▶ [Assignment]:
Filter the lines below, copying only those with the string "file".

▶ [Dataset extract]:
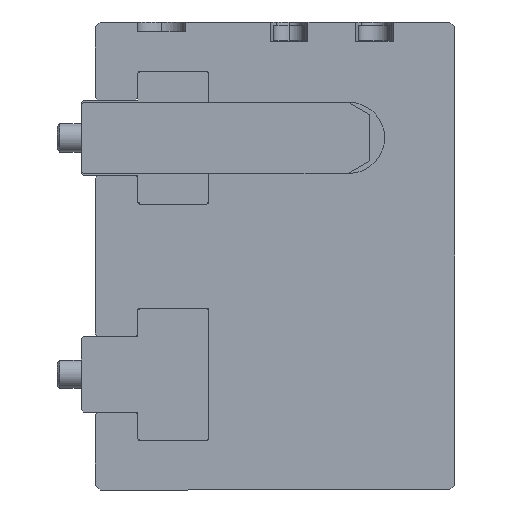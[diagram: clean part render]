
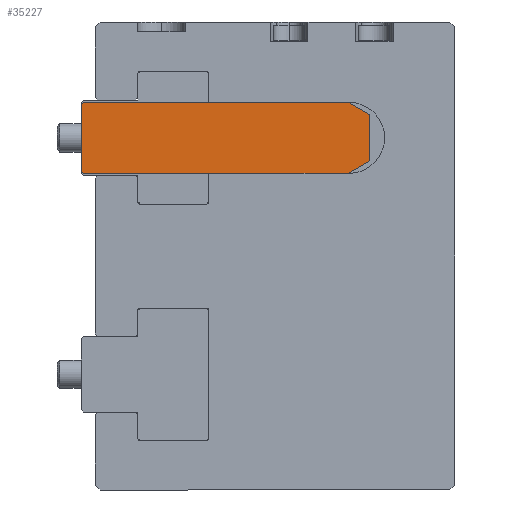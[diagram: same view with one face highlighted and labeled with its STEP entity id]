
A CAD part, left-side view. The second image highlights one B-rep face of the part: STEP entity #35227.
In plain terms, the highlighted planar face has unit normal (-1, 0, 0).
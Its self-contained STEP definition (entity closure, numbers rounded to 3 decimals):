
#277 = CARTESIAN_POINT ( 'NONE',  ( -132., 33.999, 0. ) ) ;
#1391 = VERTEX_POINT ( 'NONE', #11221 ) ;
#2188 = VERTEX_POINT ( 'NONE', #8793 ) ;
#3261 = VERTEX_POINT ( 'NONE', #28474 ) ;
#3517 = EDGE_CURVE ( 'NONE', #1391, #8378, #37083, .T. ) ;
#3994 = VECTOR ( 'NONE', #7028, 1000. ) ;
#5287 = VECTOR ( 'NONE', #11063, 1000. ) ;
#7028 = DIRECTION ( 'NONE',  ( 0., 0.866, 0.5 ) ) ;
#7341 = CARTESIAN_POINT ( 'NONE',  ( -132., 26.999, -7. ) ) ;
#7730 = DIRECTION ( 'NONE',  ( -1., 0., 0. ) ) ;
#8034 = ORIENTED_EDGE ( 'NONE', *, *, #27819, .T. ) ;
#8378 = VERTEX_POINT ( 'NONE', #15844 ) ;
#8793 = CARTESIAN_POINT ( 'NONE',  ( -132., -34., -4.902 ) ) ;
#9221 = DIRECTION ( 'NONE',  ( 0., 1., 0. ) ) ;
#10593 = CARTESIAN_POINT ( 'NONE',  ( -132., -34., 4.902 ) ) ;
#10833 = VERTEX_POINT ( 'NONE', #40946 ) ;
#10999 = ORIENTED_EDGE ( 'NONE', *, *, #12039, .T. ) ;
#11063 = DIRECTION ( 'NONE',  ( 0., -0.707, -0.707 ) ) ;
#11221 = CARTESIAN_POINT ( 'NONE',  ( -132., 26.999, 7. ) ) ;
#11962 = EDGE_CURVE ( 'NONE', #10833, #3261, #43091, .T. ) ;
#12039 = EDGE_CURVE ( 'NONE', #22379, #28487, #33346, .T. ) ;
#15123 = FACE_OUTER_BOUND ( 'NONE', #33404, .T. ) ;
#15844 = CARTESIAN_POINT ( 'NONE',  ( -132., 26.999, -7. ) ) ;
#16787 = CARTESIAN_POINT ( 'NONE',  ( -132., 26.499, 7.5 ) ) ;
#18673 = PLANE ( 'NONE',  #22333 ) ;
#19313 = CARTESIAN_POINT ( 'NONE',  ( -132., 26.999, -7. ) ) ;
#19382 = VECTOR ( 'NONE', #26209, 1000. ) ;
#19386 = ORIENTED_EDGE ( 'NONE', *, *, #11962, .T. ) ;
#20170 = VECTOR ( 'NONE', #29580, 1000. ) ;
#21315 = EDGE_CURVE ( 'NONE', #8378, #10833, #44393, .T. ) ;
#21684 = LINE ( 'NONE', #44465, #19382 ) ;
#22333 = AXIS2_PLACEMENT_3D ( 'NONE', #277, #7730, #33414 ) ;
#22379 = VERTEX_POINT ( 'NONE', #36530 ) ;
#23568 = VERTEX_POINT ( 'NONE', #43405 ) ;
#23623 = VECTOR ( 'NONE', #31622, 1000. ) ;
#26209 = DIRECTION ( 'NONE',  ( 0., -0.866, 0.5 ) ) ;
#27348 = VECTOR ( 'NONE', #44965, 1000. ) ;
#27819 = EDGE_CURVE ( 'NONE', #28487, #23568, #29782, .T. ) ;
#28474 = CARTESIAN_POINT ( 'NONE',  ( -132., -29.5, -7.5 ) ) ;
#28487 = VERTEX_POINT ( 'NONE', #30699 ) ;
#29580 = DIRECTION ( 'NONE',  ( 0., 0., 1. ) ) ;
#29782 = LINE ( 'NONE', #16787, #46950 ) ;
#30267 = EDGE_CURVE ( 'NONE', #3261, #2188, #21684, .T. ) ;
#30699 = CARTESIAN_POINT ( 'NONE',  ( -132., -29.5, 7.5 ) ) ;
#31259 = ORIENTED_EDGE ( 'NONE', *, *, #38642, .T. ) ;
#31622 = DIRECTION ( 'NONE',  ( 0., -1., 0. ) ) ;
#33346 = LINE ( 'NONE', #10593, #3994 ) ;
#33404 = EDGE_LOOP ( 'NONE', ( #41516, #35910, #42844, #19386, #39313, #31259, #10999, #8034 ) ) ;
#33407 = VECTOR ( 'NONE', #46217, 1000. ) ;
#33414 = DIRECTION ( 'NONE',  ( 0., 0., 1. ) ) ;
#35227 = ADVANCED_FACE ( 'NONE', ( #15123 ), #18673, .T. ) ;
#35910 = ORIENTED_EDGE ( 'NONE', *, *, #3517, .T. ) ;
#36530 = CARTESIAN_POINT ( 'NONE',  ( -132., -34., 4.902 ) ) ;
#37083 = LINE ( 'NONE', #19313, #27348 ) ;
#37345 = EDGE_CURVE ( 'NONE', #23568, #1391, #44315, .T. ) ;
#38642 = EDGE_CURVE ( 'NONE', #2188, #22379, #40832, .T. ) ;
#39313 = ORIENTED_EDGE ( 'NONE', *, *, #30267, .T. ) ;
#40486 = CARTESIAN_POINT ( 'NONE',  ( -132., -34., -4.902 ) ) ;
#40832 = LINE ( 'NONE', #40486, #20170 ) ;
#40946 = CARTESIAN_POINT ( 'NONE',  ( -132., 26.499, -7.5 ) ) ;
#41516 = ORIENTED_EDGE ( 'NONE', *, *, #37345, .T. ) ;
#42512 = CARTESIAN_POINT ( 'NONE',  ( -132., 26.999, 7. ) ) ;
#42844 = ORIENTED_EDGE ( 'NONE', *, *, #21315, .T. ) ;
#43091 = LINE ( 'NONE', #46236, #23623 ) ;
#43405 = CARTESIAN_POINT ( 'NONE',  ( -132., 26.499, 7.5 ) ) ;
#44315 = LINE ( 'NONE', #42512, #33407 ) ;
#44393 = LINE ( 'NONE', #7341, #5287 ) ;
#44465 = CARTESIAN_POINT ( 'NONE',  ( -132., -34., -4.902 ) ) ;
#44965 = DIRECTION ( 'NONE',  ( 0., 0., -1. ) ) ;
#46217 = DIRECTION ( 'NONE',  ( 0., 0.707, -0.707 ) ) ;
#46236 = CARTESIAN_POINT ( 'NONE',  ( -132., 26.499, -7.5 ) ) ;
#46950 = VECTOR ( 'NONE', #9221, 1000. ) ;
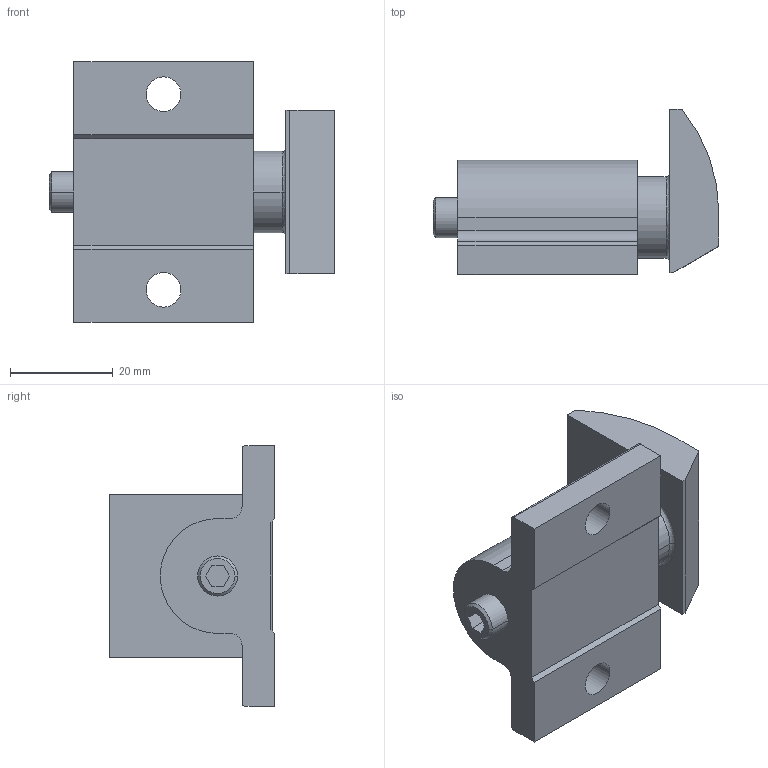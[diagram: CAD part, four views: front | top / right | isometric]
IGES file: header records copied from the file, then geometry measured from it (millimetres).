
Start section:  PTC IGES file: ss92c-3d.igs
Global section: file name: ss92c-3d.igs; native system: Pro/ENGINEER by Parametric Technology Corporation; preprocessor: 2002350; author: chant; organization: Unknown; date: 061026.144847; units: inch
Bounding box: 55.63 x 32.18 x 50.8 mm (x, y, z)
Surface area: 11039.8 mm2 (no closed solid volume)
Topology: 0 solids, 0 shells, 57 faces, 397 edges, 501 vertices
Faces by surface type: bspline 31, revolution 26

▶ [Exercise result]:
IGES file: header records copied from the file, then geometry measured from it (millimetres).
Start section:  PTC IGES file: ss92c-3d.igs
Global section: file name: ss92c-3d.igs; native system: Pro/ENGINEER by Parametric Technology Corporation; preprocessor: 2002350; author: chant; organization: Unknown; date: 061026.144847; units: inch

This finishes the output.